I currently serve as a board member of the regional council of Hostelling International (formerly American Youth Hostels) and was just elected to my third term as it's board chairman.
I also still deliver newsletters quarterly to my immediate neighborhood and I've been trained by the Urban Forestry Division of the park bureau to be a "tree liaison", acting as a neighborhood contact and advising locals about tree issues and problems.
Keep in mind that I'm trained as an economist, urban planner and secondary school teacher. That all helps.
godfry
seebs
09-09-2004, 01:18 PM
My church is doing a thing called "Project HOME" (there appear to be things called this all over the place) where homeless people get to sleep in the church, and I'm on the substitute list, so I get to stay up overnight and make people coffee.
I'd be allowed to just sleep and get up, but hey, 5:30 in the morning? Easier to stay up.
godfry n. glad
09-09-2004, 05:05 PM
I manage the property and assets of Horse Holler Farms, definitely a non-profit enterprise. Other than that, I manage to keep from going all Rambo on all those weirdo people that just generally piss me off. That's pretty much the extent of my benevolence these days.
That's a lot of benevolence, worn.
Heh...
Just getting in my car and driving somewhere convinces me that most of my fellow humans are of sub-normal intelligence and questionable morals. It works every time.
A walk along a busy street has the same effect.
godfry
maddog
09-18-2004, 07:52 PM
I'm not currently doing very much too active. I have been an adult literacy tutor both in SF and in So Cal. I can't say much for my teaching ability, however. I can't really say that I saw a lot of improvement in anybody. I did that with about 3 adult learners, seriatim, for about 5 years, but have been out of it at least that long.

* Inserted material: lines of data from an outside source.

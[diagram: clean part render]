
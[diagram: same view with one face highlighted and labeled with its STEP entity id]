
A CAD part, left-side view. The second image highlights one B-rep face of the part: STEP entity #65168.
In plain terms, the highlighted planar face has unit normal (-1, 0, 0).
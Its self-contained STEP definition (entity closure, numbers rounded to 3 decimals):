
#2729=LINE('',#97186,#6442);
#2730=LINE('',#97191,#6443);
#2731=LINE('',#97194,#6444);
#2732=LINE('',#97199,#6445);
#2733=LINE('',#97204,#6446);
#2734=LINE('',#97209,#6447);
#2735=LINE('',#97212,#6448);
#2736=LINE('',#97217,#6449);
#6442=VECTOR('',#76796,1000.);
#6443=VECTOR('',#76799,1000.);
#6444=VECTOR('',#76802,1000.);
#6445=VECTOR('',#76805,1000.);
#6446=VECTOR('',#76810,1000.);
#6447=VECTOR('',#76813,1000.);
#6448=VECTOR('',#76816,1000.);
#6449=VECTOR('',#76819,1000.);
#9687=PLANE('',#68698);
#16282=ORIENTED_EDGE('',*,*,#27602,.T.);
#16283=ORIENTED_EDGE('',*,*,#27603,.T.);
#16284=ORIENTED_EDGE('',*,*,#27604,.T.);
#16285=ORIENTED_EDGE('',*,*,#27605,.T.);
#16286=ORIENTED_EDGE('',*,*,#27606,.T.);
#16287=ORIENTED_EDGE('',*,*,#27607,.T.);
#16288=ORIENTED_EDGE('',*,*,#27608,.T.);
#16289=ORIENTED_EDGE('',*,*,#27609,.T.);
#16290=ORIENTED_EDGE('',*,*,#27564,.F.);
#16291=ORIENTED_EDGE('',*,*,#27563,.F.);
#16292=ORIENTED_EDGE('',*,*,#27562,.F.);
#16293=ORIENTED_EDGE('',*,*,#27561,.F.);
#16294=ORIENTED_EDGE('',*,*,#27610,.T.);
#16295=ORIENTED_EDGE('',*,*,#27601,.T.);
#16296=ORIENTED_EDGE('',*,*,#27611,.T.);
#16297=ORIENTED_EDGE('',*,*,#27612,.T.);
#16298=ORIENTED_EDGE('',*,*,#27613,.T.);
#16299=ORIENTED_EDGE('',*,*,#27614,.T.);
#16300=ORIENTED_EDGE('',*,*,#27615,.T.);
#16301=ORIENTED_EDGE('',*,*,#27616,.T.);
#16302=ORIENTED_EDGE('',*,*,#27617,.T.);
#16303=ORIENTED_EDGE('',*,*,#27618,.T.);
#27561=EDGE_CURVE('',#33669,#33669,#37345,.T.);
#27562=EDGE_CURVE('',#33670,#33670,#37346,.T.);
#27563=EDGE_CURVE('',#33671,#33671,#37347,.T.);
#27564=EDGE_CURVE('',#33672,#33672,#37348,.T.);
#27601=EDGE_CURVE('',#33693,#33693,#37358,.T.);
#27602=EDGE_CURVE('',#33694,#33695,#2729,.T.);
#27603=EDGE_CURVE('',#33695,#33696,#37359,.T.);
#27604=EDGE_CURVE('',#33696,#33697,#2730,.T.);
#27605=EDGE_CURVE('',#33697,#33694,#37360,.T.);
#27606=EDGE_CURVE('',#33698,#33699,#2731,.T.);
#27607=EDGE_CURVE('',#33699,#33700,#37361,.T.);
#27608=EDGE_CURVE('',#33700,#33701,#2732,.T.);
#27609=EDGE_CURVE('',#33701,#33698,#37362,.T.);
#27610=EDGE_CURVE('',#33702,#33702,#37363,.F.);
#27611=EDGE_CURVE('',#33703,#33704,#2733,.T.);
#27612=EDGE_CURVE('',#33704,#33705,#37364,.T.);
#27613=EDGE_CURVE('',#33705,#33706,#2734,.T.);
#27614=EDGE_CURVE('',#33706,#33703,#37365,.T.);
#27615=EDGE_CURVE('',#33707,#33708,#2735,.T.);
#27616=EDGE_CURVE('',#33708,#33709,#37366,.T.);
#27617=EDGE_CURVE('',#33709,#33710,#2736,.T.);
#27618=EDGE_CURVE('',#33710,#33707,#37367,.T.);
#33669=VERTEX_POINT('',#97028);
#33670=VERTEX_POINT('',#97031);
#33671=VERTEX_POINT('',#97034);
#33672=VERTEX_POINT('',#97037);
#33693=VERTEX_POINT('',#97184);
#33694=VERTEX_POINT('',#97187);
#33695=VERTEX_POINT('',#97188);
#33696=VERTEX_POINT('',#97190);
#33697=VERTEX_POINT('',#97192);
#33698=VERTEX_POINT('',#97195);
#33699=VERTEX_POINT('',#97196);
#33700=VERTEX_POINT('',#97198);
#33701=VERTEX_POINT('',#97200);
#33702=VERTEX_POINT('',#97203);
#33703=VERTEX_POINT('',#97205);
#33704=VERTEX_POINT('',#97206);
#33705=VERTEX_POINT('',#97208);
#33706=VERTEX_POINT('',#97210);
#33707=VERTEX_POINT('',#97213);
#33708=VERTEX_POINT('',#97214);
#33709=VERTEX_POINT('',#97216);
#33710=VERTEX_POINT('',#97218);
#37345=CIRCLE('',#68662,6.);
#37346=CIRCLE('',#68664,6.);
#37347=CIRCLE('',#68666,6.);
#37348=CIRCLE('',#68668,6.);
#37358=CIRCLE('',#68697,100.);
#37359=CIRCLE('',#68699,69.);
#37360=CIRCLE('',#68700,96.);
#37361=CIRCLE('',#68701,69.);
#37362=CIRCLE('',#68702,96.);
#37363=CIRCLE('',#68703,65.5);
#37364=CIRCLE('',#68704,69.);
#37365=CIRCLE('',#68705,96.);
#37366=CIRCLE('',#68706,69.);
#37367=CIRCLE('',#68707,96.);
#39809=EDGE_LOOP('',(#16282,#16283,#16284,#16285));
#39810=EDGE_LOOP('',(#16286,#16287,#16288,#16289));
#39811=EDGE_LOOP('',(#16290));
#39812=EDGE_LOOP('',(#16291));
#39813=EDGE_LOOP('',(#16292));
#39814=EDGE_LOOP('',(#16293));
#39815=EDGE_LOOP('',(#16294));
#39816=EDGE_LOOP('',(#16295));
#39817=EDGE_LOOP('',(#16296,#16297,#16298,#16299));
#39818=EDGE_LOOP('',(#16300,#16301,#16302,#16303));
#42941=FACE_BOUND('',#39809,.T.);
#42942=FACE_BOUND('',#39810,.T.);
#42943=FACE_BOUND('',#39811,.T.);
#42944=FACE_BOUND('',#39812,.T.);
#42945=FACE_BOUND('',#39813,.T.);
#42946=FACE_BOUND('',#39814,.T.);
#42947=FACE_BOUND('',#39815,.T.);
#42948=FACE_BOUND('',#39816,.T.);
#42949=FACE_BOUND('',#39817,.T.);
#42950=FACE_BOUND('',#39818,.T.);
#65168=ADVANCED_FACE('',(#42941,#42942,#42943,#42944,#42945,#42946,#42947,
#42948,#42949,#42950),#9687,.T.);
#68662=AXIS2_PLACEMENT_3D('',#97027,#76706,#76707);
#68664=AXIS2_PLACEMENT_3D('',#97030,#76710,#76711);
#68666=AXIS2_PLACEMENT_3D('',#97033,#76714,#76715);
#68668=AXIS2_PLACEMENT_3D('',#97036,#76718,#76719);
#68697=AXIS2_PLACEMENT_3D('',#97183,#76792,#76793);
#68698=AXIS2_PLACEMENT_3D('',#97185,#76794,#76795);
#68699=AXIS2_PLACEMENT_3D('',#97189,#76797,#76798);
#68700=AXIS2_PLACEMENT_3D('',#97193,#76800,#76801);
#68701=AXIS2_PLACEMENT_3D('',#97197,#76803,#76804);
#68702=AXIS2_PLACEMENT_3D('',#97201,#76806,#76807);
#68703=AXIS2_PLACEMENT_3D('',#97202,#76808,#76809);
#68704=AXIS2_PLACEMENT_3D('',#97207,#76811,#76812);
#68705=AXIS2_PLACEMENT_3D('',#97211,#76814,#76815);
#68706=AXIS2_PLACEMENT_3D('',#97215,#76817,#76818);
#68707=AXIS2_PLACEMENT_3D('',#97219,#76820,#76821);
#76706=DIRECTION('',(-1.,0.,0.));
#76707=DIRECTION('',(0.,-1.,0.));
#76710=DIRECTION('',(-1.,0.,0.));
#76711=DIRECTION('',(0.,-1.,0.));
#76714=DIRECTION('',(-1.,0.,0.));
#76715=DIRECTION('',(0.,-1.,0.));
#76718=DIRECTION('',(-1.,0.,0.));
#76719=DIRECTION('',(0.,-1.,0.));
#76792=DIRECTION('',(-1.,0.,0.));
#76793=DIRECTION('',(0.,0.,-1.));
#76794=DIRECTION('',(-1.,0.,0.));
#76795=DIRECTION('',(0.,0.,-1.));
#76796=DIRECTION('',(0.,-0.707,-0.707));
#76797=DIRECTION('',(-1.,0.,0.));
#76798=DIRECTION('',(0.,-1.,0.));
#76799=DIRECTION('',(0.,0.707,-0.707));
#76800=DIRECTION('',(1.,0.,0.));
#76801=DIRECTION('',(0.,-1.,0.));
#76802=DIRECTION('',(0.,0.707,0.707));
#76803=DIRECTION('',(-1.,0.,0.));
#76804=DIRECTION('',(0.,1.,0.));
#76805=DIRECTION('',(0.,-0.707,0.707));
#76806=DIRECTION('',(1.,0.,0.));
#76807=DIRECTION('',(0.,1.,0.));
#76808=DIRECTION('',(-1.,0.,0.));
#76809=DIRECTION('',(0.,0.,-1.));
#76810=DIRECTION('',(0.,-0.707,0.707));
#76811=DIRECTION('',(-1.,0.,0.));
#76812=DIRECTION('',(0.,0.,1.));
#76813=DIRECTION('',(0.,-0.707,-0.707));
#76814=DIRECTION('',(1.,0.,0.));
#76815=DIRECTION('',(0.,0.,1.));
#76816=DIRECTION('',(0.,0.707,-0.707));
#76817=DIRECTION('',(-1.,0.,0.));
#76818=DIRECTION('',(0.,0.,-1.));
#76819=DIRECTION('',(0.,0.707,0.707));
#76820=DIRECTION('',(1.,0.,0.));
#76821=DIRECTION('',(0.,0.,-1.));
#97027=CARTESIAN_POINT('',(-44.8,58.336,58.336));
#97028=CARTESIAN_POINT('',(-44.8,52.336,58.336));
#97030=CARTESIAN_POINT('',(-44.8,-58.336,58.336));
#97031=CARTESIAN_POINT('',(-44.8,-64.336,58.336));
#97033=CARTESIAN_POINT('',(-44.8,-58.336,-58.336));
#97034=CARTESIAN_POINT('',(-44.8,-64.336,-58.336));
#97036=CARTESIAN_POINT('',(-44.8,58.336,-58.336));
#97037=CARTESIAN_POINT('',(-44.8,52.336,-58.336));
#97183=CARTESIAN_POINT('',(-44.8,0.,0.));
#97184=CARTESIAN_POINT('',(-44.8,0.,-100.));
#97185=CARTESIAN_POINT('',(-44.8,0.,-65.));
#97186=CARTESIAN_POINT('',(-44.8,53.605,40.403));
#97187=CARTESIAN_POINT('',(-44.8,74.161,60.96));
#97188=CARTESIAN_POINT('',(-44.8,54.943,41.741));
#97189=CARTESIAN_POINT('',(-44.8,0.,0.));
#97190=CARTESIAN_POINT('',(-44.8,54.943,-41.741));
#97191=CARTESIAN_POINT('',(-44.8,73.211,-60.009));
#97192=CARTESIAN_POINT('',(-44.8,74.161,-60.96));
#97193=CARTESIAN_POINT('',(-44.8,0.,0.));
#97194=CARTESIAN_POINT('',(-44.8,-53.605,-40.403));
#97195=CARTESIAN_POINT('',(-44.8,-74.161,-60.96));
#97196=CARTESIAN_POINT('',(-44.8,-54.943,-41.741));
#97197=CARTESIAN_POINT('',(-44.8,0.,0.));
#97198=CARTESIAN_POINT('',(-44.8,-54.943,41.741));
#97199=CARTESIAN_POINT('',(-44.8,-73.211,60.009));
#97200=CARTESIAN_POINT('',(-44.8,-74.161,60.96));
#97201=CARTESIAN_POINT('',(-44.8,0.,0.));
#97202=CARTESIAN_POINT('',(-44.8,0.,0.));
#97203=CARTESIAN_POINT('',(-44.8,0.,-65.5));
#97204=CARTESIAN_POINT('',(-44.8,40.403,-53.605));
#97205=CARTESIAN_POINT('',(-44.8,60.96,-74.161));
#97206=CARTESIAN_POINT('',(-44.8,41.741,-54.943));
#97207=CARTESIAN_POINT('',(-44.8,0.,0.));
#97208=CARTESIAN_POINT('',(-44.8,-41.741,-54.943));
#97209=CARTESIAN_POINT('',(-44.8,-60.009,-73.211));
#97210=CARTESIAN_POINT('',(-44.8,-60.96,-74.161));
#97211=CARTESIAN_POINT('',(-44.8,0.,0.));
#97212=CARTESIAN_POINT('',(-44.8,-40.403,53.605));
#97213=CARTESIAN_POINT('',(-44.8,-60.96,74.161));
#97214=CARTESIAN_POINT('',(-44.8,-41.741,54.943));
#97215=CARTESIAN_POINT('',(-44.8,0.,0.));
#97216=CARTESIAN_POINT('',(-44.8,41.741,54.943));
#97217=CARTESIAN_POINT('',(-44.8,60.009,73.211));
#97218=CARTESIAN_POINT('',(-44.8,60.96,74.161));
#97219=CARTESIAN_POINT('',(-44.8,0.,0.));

I did some looking into charitable contributions, and have supported a number of them over the years in different fields: there was a school in Harlem I sent money to for about 3 years, because they took inner city kids and demanded that they think of themselves as winners, not losers or victims. Standard English, high achievement, good discipline (in the sense of applying themselves and in respecting one another).
Other groups I've given to from time to time: Doctors without Borders. A local food bank. A free legal aid clinic that provides internships for law students. A fund that gives grants to different legal projects.
My local YWCA is on my list right now too, because they have in-place programs for getting young women off drugs and into school/employment. Provides child care resources. Provides exercise classes for disabled people. Stuff like that.
I have been putting off getting involved in the "Volunteers in Parole" or VIP program, which is sort of like a big brothers/big sisters between a lawyer/mentor and a parolee/mentee. The actual time requirements are quite minimal, but it's the sort of thing that's too important to treat minimally. My other hesitancy is that I've already got a similar relationship with my 23-y.o. nephew, who has come out of his childhood with low self esteem and poor social and coping skills. He's done some things which he was lucky didn't land him in jail or prison. So he's kind of like my parolee right now, even though he isn't officially a parolee. How can I give more to a stranger than I give to him? So I'm a dithering idiot.